TASK DESCRIPTION: Your answer must be the exact lines from the one holding "#6259 = CARTESIAN_POINT" through the final line of the records below, both included, and nothing more.

(Data entries)
● ● ● ●
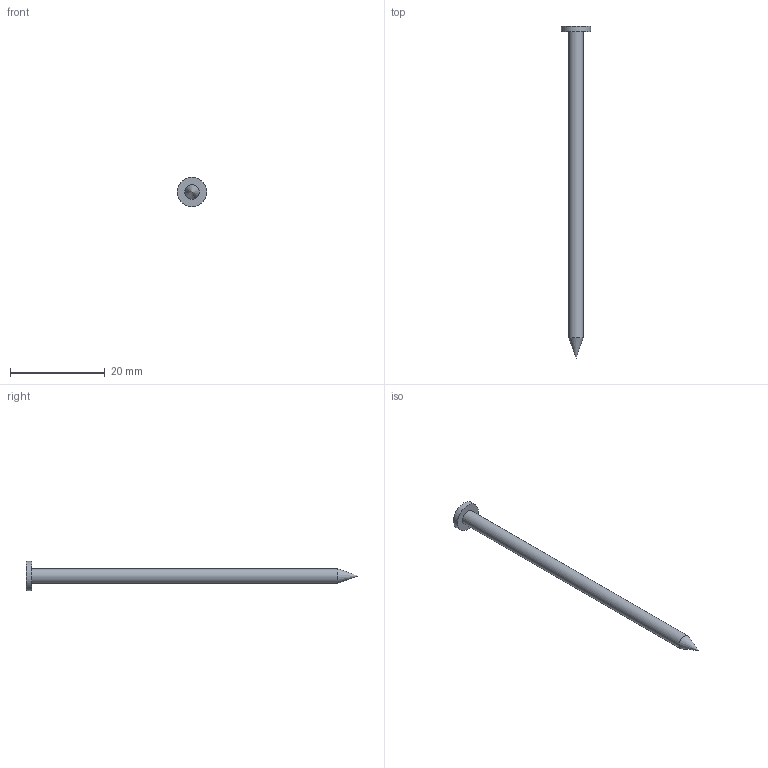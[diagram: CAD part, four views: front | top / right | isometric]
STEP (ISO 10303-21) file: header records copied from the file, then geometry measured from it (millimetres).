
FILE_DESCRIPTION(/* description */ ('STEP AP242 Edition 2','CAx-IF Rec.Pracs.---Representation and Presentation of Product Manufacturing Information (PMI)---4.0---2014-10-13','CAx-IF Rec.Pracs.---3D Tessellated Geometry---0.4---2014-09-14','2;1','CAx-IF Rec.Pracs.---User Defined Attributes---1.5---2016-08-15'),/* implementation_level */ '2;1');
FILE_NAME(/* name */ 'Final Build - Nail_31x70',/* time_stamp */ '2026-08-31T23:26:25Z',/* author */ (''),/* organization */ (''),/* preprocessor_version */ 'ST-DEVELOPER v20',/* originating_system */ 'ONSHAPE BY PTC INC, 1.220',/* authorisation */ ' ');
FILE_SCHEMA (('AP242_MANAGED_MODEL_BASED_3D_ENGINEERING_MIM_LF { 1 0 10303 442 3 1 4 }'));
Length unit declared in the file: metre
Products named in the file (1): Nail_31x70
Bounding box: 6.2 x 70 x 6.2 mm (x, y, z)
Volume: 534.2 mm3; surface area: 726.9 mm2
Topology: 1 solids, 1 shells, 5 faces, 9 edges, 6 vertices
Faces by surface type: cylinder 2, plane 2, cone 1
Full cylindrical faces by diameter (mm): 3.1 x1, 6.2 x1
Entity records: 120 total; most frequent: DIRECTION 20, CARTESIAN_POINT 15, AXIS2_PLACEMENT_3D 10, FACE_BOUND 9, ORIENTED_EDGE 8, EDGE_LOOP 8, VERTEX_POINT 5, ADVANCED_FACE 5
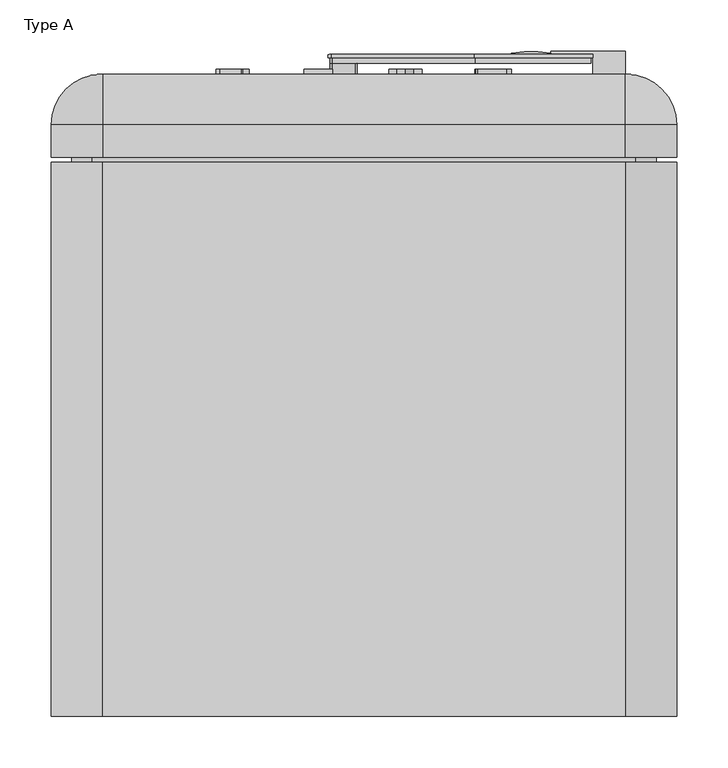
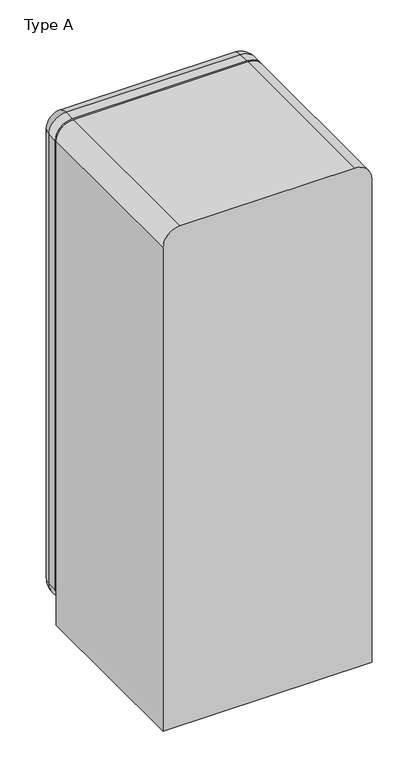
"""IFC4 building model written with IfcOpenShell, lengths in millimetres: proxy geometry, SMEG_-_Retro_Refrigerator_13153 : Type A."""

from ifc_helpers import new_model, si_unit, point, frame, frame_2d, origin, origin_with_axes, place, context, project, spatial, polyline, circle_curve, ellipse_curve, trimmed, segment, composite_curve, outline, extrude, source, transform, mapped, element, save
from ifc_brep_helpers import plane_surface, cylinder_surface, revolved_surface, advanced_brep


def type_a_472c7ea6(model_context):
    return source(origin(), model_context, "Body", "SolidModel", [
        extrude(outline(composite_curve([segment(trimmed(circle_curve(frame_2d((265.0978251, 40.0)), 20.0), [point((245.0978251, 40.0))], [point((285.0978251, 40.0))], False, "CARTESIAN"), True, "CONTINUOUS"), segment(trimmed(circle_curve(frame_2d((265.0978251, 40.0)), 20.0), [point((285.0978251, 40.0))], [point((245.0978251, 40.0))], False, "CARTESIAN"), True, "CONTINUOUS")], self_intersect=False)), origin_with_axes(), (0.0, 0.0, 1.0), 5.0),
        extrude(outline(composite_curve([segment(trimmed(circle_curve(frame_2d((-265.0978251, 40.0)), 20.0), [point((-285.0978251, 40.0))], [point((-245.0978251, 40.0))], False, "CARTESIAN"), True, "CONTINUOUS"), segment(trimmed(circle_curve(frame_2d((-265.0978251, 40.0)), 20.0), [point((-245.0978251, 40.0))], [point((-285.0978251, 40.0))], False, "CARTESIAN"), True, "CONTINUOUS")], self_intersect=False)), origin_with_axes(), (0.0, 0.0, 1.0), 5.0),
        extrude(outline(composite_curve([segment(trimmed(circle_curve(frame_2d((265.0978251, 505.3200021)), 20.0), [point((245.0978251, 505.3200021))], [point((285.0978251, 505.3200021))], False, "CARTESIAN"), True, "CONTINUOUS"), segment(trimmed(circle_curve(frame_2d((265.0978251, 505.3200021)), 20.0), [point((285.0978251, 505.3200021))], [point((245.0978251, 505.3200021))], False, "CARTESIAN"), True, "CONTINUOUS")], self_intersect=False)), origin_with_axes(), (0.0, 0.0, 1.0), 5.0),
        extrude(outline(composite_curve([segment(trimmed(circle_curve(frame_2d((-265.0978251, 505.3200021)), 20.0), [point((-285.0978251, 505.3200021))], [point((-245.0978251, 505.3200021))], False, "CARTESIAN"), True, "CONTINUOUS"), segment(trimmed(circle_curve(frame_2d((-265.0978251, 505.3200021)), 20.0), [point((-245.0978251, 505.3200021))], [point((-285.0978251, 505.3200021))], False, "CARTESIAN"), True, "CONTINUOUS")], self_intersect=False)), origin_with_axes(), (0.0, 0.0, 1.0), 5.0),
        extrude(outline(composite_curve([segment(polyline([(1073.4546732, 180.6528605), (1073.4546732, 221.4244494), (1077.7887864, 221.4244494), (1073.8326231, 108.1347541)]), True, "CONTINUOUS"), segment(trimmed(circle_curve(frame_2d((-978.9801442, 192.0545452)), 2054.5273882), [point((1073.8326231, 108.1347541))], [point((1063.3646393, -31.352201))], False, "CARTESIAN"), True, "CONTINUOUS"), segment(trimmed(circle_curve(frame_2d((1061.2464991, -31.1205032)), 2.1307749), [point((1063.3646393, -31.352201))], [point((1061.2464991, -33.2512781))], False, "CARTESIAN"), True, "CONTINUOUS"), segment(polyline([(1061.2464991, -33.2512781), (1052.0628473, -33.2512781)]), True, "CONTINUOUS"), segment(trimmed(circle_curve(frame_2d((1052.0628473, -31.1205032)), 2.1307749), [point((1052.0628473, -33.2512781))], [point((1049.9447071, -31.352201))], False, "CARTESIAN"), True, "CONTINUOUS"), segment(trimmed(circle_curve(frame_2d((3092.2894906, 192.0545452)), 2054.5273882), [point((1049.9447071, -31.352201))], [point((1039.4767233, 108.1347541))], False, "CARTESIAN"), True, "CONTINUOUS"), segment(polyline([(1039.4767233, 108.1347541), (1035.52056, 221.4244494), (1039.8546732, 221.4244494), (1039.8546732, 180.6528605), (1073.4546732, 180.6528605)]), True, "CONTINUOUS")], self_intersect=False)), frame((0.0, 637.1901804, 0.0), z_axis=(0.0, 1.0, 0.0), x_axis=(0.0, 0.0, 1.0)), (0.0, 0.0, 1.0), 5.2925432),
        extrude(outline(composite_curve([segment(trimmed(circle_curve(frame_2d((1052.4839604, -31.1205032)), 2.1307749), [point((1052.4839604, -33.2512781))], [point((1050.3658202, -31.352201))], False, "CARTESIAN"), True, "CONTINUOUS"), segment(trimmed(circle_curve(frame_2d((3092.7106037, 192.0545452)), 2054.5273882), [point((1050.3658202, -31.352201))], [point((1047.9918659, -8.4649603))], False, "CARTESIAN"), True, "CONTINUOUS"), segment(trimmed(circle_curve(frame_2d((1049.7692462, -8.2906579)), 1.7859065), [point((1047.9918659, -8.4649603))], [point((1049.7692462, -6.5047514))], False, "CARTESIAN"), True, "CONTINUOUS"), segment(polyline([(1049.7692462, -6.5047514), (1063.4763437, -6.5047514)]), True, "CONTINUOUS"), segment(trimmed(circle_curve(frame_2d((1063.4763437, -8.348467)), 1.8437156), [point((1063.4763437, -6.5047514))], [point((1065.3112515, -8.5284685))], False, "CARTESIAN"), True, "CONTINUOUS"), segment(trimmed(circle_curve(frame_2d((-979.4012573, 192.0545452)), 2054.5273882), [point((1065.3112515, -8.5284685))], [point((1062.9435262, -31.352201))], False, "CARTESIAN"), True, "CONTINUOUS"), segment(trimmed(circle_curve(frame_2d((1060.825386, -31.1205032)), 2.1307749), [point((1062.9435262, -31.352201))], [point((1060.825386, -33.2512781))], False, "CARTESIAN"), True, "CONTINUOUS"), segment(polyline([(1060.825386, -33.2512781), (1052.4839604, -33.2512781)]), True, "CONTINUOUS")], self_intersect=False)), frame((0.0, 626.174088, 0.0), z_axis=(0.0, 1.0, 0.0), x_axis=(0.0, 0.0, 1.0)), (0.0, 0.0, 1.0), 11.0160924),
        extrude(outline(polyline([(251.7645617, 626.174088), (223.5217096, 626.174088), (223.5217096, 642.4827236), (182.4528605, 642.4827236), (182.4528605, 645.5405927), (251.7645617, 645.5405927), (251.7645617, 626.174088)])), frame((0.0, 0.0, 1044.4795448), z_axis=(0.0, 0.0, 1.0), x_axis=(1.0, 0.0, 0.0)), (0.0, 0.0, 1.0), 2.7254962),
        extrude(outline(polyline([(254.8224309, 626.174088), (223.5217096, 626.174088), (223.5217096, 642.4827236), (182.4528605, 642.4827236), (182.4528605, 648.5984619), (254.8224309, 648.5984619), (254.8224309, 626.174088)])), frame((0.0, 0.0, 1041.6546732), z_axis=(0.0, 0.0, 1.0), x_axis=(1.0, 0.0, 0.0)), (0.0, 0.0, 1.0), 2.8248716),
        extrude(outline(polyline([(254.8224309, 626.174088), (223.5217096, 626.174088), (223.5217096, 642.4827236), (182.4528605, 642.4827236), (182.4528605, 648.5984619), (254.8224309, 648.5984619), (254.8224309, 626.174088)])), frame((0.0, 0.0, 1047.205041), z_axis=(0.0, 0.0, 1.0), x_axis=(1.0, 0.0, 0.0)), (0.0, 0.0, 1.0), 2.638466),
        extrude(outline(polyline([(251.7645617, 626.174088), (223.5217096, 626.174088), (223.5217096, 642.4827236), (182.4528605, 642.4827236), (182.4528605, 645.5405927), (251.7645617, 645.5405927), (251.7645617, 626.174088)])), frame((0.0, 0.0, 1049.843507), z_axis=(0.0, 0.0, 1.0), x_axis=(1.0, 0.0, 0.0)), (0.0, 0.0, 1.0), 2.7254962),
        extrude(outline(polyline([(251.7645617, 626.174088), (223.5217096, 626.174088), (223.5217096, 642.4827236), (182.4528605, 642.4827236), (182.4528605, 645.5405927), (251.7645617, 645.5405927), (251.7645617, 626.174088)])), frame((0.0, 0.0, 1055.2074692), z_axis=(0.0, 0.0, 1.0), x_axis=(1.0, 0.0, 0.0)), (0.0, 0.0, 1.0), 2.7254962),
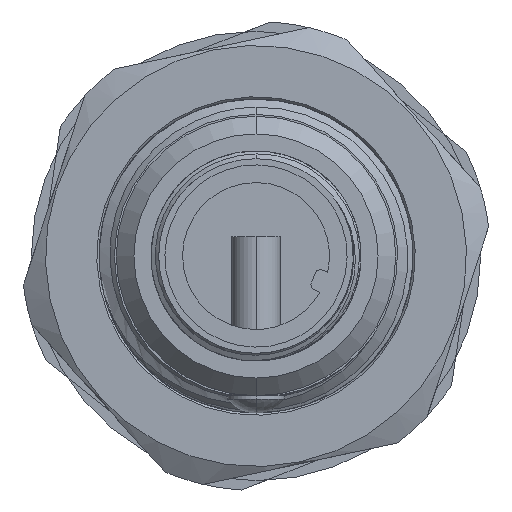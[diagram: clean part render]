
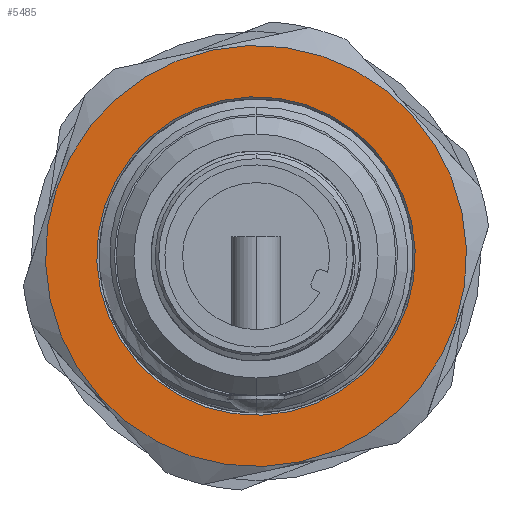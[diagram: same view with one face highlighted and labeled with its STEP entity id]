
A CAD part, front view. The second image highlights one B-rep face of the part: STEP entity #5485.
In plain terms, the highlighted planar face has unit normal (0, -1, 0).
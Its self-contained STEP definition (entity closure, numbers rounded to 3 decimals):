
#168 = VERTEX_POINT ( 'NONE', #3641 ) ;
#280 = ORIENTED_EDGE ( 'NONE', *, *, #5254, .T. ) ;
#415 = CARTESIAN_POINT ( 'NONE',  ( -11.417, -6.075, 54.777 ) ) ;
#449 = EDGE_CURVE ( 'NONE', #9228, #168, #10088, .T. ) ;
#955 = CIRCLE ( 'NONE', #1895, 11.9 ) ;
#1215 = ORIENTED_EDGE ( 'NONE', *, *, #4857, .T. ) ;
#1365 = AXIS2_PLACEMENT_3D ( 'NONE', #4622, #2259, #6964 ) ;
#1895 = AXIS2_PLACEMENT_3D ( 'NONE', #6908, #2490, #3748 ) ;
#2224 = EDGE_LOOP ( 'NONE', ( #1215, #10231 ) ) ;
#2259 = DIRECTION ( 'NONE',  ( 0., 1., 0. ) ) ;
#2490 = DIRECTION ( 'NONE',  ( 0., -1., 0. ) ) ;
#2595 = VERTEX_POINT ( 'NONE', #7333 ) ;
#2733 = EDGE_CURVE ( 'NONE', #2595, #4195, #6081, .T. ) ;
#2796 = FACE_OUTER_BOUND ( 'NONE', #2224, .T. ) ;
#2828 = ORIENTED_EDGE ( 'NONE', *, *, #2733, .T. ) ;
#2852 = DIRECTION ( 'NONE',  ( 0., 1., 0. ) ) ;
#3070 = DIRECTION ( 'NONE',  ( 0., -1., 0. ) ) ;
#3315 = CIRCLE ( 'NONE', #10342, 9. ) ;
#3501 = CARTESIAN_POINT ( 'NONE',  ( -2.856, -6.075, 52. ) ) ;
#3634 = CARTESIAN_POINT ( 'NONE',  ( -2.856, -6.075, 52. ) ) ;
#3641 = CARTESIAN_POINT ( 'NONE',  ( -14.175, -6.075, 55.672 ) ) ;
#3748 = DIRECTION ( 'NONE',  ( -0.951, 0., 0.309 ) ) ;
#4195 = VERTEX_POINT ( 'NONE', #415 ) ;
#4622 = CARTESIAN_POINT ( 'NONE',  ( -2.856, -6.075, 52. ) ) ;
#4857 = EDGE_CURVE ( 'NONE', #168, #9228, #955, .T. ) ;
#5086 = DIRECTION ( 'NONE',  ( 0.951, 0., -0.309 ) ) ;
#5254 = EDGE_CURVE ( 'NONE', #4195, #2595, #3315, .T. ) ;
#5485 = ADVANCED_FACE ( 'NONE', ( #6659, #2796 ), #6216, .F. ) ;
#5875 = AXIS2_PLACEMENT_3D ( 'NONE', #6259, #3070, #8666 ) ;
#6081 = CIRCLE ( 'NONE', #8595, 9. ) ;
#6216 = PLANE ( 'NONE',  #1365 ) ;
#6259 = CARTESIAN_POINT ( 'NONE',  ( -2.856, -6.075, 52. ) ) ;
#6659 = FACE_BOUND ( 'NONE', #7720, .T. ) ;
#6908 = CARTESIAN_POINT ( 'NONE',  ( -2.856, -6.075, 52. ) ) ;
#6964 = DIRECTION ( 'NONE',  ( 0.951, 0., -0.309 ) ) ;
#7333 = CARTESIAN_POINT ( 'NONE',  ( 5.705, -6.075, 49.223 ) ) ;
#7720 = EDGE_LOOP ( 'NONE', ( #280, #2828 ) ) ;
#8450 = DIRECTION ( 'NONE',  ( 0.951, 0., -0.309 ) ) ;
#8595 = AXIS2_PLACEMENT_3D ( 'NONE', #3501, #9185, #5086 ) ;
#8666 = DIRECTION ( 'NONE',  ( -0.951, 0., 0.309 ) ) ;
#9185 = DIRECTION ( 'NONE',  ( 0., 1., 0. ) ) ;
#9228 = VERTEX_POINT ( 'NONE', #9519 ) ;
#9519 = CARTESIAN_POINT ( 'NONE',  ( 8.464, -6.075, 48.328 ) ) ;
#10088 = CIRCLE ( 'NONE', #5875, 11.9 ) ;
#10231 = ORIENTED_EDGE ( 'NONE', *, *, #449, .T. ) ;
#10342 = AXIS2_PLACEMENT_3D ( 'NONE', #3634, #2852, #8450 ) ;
● ● ● ●
TASK RESULT:
#6259 = CARTESIAN_POINT ( 'NONE',  ( -2.856, -6.075, 52. ) ) ;
#6659 = FACE_BOUND ( 'NONE', #7720, .T. ) ;
#6908 = CARTESIAN_POINT ( 'NONE',  ( -2.856, -6.075, 52. ) ) ;
#6964 = DIRECTION ( 'NONE',  ( 0.951, 0., -0.309 ) ) ;
#7333 = CARTESIAN_POINT ( 'NONE',  ( 5.705, -6.075, 49.223 ) ) ;
#7720 = EDGE_LOOP ( 'NONE', ( #280, #2828 ) ) ;
#8450 = DIRECTION ( 'NONE',  ( 0.951, 0., -0.309 ) ) ;
#8595 = AXIS2_PLACEMENT_3D ( 'NONE', #3501, #9185, #5086 ) ;
#8666 = DIRECTION ( 'NONE',  ( -0.951, 0., 0.309 ) ) ;
#9185 = DIRECTION ( 'NONE',  ( 0., 1., 0. ) ) ;
#9228 = VERTEX_POINT ( 'NONE', #9519 ) ;
#9519 = CARTESIAN_POINT ( 'NONE',  ( 8.464, -6.075, 48.328 ) ) ;
#10088 = CIRCLE ( 'NONE', #5875, 11.9 ) ;
#10231 = ORIENTED_EDGE ( 'NONE', *, *, #449, .T. ) ;
#10342 = AXIS2_PLACEMENT_3D ( 'NONE', #3634, #2852, #8450 ) ;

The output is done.